Hay limitaciones que nos encierran el alma, nos restan libertad interior, nos hacen sentirnos esclavizados de nuestro yo orgulloso de las que tenemos que dejarnos liberar por Jesús


Hay limitaciones que nos encierran el alma, nos restan libertad interior, nos hacen sentirnos esclavizados de nuestro yo orgulloso de las que tenemos que dejarnos liberar por Jesús

1Samuel 8, 4-7. 10-22ª; Sal 88; Marcos 2, 1-12
Hay tanta gente, pensamos cuando aun de lejos vamos a mucha gente aglomerada en aquel lugar que nos gustaría ir, o que necesitamos ir. Pero no nos gustan las aglomeraciones y nos quedamos a la distancia. Es imposible nos decimos, aunque sea algo que necesitamos, pero no nos vamos a meter en aquel follón, no nos vamos a poner en aquella cola. Ya tendremos oportunidades, y lo dejamos para otro momento.
Nuestra timidez, nuestras pocas ganas de vernos envueltos en medio de tanta gente, la indecisión de si en verdad sería lo que nos conviene en ese momento, el orgullo de que no vean que nosotros también lo necesitábamos, el no querer complicarnos nos hizo perder una oportunidad que no sabemos si se volverá a repetir. Quizá no nos hemos convencido a nosotros mismos y con mil disculpas lo dejamos pasar para otra ocasión.
Momentos de gracia que quizá perdimos. Nos sucede en muchas oportunidades que en la vida se nos ofrecen y no solo es buscar una ganga o unas rebajas, pero también en llamadas que Dios hace a nuestro corazón a la que no respondemos con la prontitud necesaria. Un camino nuevo que se abre delante de nosotros en la vida, una oportunidad que se nos ofrece y que tanto bien nos haría por la riqueza humana y espiritual que recibiríamos, un compromiso al que se nos invita pero que con nuestros miedos no terminamos de responder.
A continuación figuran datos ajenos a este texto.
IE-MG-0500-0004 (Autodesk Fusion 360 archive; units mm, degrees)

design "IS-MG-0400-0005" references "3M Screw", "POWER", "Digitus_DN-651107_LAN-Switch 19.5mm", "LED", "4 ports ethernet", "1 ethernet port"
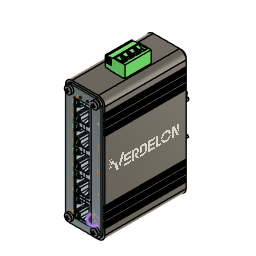
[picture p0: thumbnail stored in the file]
sketch "Sketch1" plane through (0, 0, 0) normal (0, 1, 0) x axis (1, 0, 0)
  line L1 (25, 0) -> (5, 0)
  line L2 (30, -90) -> (30, -5)
  line L3 (5, -95) -> (25, -95)
  line L4 (0, -5) -> (0, -90)
  arc A1 centre (5, -90) radius 5 clockwise from (5, -95) to (0, -90)
  arc A2 centre (25, -90) radius 5 clockwise from (30, -90) to (25, -95)
  arc A3 centre (5, -5) radius 5 clockwise from (0, -5) to (5, 0)
  arc A4 centre (25, -5) radius 5 clockwise from (25, 0) to (30, -5)
  point P1 (0, 0)
  point P2 (0, 0)
  point P4 (0, -95)
  point P3 (30, 0)
  horizontal L1
  vertical L2
  horizontal L3
  vertical L4
  coincident P1 P2
  coincident P4 L3
  coincident P4 L4
  tangent L3 A1
  tangent L4 A1
  tangent L2 A2
  tangent L3 A2
  equal A1 A2
  coincident P2 L1
  coincident P2 L4
  tangent L1 A3
  tangent L4 A3
  equal A1 A3
  coincident P3 L1
  coincident P3 L2
  tangent L1 A4
  tangent L2 A4
  equal A1 A4
  dimension "d1" distance P2 P4 = 95
  dimension "d2" distance P2 P3 = 30
  dimension "d3" radius A1 = 5
extrude "Extrude1" new body sketch "Sketch1" along normal blind 65
sketch "Sketch2" plane through (0, 0, 0) normal (0, -1, 0) x axis (1, 0, 0)
  line L1 (5, 95) -> (25, 95)
  line L2 (0, 5) -> (0, 90)
  line L3 (25, 0) -> (5, 0)
  line L4 (30, 90) -> (30, 5)
  line L5 (1.5, 5) -> (1.5, 90)
  line L6 (25, 1.5) -> (5, 1.5)
  line L7 (28.5, 90) -> (28.5, 5)
  line L8 (5, 93.5) -> (25, 93.5)
  line L9 (0, 5) -> (0, 90)
  line L10 (25, 0) -> (5, 0)
  line L11 (30, 90) -> (30, 5)
  line L12 (5, 95) -> (25, 95)
  arc A1 centre (25, 90) radius 5 clockwise from (25, 95) to (30, 90)
  arc A2 centre (5, 90) radius 5 clockwise from (0, 90) to (5, 95)
  arc A3 centre (5, 5) radius 5 clockwise from (5, 0) to (0, 5)
  arc A4 centre (25, 5) radius 5 clockwise from (30, 5) to (25, 0)
  arc A5 centre (5, 5) radius 3.5 clockwise from (5, 1.5) to (1.5, 5)
  arc A6 centre (25, 5) radius 3.5 clockwise from (28.5, 5) to (25, 1.5)
  arc A7 centre (25, 90) radius 3.5 clockwise from (25, 93.5) to (28.5, 90)
  arc A8 centre (5, 90) radius 3.5 clockwise from (1.5, 90) to (5, 93.5)
  arc A9 centre (5, 5) radius 5 clockwise from (5, 0) to (0, 5)
  arc A10 centre (25, 5) radius 5 clockwise from (30, 5) to (25, 0)
  arc A11 centre (25, 90) radius 5 clockwise from (25, 95) to (30, 90)
  arc A12 centre (5, 90) radius 5 clockwise from (0, 90) to (5, 95)
  dimension "d6" = -1.5
  dimension "d7" distance L2 = 0
extrude "Extrude2" cut sketch "Sketch2" against normal blind 1.5
sketch "Sketch3" plane through (0, 65, 0) normal (0, 1, 0) x axis (-1, 0, 0)
  line L1 (-30, 5) -> (-30, 90)
  line L2 (-5, 0) -> (-25, 0)
  line L3 (0, 90) -> (0, 5)
  line L4 (-25, 95) -> (-5, 95)
  line L5 (-28.5, 5) -> (-28.5, 90)
  line L6 (-5, 1.5) -> (-25, 1.5)
  line L7 (-1.5, 90) -> (-1.5, 5)
  line L8 (-25, 93.5) -> (-5, 93.5)
  line L9 (-30, 5) -> (-30, 90)
  line L10 (-5, 0) -> (-25, 0)
  line L11 (0, 90) -> (0, 5)
  line L12 (-25, 95) -> (-5, 95)
  arc A1 centre (-25, 90) radius 5 clockwise from (-30, 90) to (-25, 95)
  arc A2 centre (-25, 5) radius 5 clockwise from (-25, 0) to (-30, 5)
  arc A3 centre (-5, 5) radius 5 clockwise from (0, 5) to (-5, 0)
  arc A4 centre (-5, 90) radius 5 clockwise from (-5, 95) to (0, 90)
  arc A5 centre (-25, 5) radius 3.5 clockwise from (-25, 1.5) to (-28.5, 5)
  arc A6 centre (-5, 5) radius 3.5 clockwise from (-1.5, 5) to (-5, 1.5)
  arc A7 centre (-5, 90) radius 3.5 clockwise from (-5, 93.5) to (-1.5, 90)
  arc A8 centre (-25, 90) radius 3.5 clockwise from (-28.5, 90) to (-25, 93.5)
  arc A9 centre (-25, 5) radius 5 clockwise from (-25, 0) to (-30, 5)
  arc A10 centre (-5, 5) radius 5 clockwise from (0, 5) to (-5, 0)
  arc A11 centre (-5, 90) radius 5 clockwise from (-5, 95) to (0, 90)
  arc A12 centre (-25, 90) radius 5 clockwise from (-30, 90) to (-25, 95)
  dimension "d10" = -1.5
  dimension "d11" distance L1 = 0
extrude "Extrude3" cut sketch "Sketch3" against normal blind 1.5
sketch "Sketch4" plane through (0, 1.5, 0) normal (0, -1, 0) x axis (1, 0, 0)
  line L1 (25, 93.5) -> (5, 93.5)
  line L2 (28.5, 5) -> (28.5, 90)
  line L3 (5, 1.5) -> (25, 1.5)
  line L4 (1.5, 90) -> (1.5, 5)
  line L5 (0, 5) -> (0, 90)
  line L6 (25, 0) -> (5, 0)
  line L7 (30, 90) -> (30, 5)
  line L8 (5, 95) -> (25, 95)
  line L9 (-15.934, 47.5) -> (1.5, 47.5)
  line L10 (15, 105) -> (15, 93.5)
  line L11 (0.5, 85.5) -> (0, 85.5)
  line L12 (0.5, 84.5) -> (0.5, 85.5)
  line L13 (0, 84.5) -> (0.5, 84.5)
  line L14 (0, 85.5) -> (0, 84.5)
  line L15 (0, 84) -> (0, 83)
  line L16 (0, 83) -> (0.5, 83)
  line L17 (0.5, 84) -> (0, 84)
  line L18 (0.5, 83) -> (0.5, 84)
  line L19 (0, 82.5) -> (0, 81.5)
  line L20 (0, 81.5) -> (0.5, 81.5)
  line L21 (0.5, 82.5) -> (0, 82.5)
  line L22 (0.5, 81.5) -> (0.5, 82.5)
  line L23 (0, 79) -> (0.5, 79)
  line L24 (0, 77) -> (0, 76)
  line L25 (0, 78.5) -> (0, 77.5)
  line L26 (0.5, 78.5) -> (0, 78.5)
  line L27 (0.5, 80) -> (0, 80)
  line L28 (0, 76) -> (0.5, 76)
  line L29 (0.5, 76) -> (0.5, 77)
  line L30 (0, 80) -> (0, 79)
  line L31 (0.5, 77) -> (0, 77)
  line L32 (0, 77.5) -> (0.5, 77.5)
  line L33 (0.5, 77.5) -> (0.5, 78.5)
  line L34 (0.5, 79) -> (0.5, 80)
  line L35 (0, 73.5) -> (0.5, 73.5)
  line L36 (0, 71.5) -> (0, 70.5)
  line L37 (0, 73) -> (0, 72)
  line L38 (0.5, 73) -> (0, 73)
  line L39 (0.5, 74.5) -> (0, 74.5)
  line L40 (0, 70.5) -> (0.5, 70.5)
  line L41 (0.5, 70.5) -> (0.5, 71.5)
  line L42 (0, 74.5) -> (0, 73.5)
  line L43 (0.5, 71.5) -> (0, 71.5)
  line L44 (0, 72) -> (0.5, 72)
  line L45 (0.5, 72) -> (0.5, 73)
  line L46 (0.5, 73.5) -> (0.5, 74.5)
  line L47 (0, 23.5) -> (0, 24.5)
  line L48 (0.5, 17.5) -> (0.5, 16.5)
  line L49 (0.5, 19) -> (0.5, 18)
  line L50 (0, 20.5) -> (0, 21.5)
  line L51 (0, 16) -> (0.5, 16)
  line L52 (0.5, 11) -> (0, 11)
  line L53 (0.5, 12) -> (0.5, 11)
  line L54 (0, 12) -> (0.5, 12)
  line L55 (0.5, 15) -> (0, 15)
  line L56 (0, 15) -> (0, 16)
  line L57 (0, 17.5) -> (0.5, 17.5)
  line L58 (0, 19) -> (0.5, 19)
  line L59 (0.5, 16) -> (0.5, 15)
  line L60 (0, 11) -> (0, 12)
  line L61 (0, 22) -> (0, 23)
  line L62 (0.5, 18) -> (0, 18)
  line L63 (0, 13.5) -> (0.5, 13.5)
  line L64 (0.5, 23) -> (0.5, 22)
  line L65 (0.5, 10.5) -> (0.5, 9.5)
  line L66 (0, 10.5) -> (0.5, 10.5)
  line L67 (0.5, 23.5) -> (0, 23.5)
  line L68 (0.5, 12.5) -> (0, 12.5)
  line L69 (0.5, 21.5) -> (0.5, 20.5)
  line L70 (0.5, 16.5) -> (0, 16.5)
  line L71 (0, 12.5) -> (0, 13.5)
  line L72 (0, 16.5) -> (0, 17.5)
  line L73 (0, 24.5) -> (0.5, 24.5)
  line L74 (0.5, 24.5) -> (0.5, 23.5)
  line L75 (0, 21.5) -> (0.5, 21.5)
  line L76 (0.5, 9.5) -> (0, 9.5)
  line L77 (0.5, 13.5) -> (0.5, 12.5)
  line L78 (0, 9.5) -> (0, 10.5)
  line L79 (0, 18) -> (0, 19)
  line L80 (0.5, 22) -> (0, 22)
  line L81 (0.5, 20.5) -> (0, 20.5)
  line L82 (0, 23) -> (0.5, 23)
  line L83 (30, 76) -> (29.5, 76)
  line L84 (30, 70.5) -> (29.5, 70.5)
  line L85 (29.5, 73.5) -> (29.5, 74.5)
  line L86 (30, 84.5) -> (29.5, 84.5)
  line L87 (30, 73) -> (30, 72)
  line L88 (30, 83) -> (29.5, 83)
  line L89 (30, 72) -> (29.5, 72)
  line L90 (30, 73.5) -> (29.5, 73.5)
  line L91 (29.5, 83) -> (29.5, 84)
  line L92 (29.5, 77) -> (30, 77)
  line L93 (30, 71.5) -> (30, 70.5)
  line L94 (30, 78.5) -> (30, 77.5)
  line L95 (29.5, 73) -> (30, 73)
  line L96 (29.5, 82.5) -> (30, 82.5)
  line L97 (30, 81.5) -> (29.5, 81.5)
  line L98 (29.5, 84) -> (30, 84)
  line L99 (29.5, 77.5) -> (29.5, 78.5)
  line L100 (30, 79) -> (29.5, 79)
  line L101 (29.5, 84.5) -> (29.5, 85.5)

Una cosa buena que pudimos hacer a favor de alguien pero que con nuestra timidez o indecisión se quedó a medias y aquel que se pudo beneficiar al final nada recibió sintiéndonos quizá nosotros mismos mal y frustrados por lo que dejamos de hacer.
Aquellos hombres que llevaban el paralítico para que Jesús lo curara se encontraron también con el paso cortado porque era mucha la gente que se aglomeraba a la puerta de Jesús. Quizás les hubiera gustado pasar más desapercibidos, pero tenían el empeño de llevar al amigo o al familiar hasta los pies de Jesús. Pero en su decisión nada los podía detener. No importaba que tuvieran que levantar las tejas del terrado para abrir un hueco y por allí descolgar a Jesús. Aquel hombre tenía que llegar hasta Jesús. Y lo lograron. Grande era su fe.
Lo que sucedió entonces fue algo maravilloso que ni ellos mismos se esperaban. Todos quedarían asombrados, aunque como siempre habría quien pondría sus pegas. Llevaron aquel paralítico hasta Jesús para que Jesús lo curara. Pero Jesús ofrece algo más. ‘Tus pecados quedan perdonados’. No todos lo entienden, porque lo único que esperaban quizás era la curación física de su invalidez. Pero Jesús quiere sanar al hombre desde lo más hondo. Y Jesús puede hacerlo. Ante quienes dicen que aquello es una blasfemia porque solo Dios puede perdonar pecados, Jesús se reafirma en su autoridad y levanta también a aquel hombre de su camilla. ‘Anda, toma tu camilla, y vuelve a tu casa’.
De alguna manera con el comentario que nos hacíamos para introducir esta reflexión creo que nos podemos dar cuenta de cuánta invalidez hay en nuestra vida, cuantas cosas nos paralizan, cuantos egoísmos y orgullos nos encierran. Peor que las limitaciones físicas, porque esas otras limitaciones nos encierran el alma, nos resta verdadera libertad interior, nos sentimos esclavizados de nuestro yo orgulloso, la negrura del pecado llena de oscuridad nuestras vidas.
Es lo que necesitamos que Jesús nos cure. El, que es el Cordero de Dios que quita el pecado del mundo, dejemos que tienda su mano para sanarnos, para curarnos desde lo más hondo, para perdonarnos todo ese pecado que hemos dejado meter en nuestra vida. En muchas cosas tendríamos que pensar. Mucha decisión también hemos de tener para ir sin miedo ni cobardía hasta Jesús, para no dejarnos vencer por esos obstáculos que nosotros mismos nos ponemos y no nos dejan avanzar en la vida. No podemos perder esos momentos de gracia que llegan a nosotros.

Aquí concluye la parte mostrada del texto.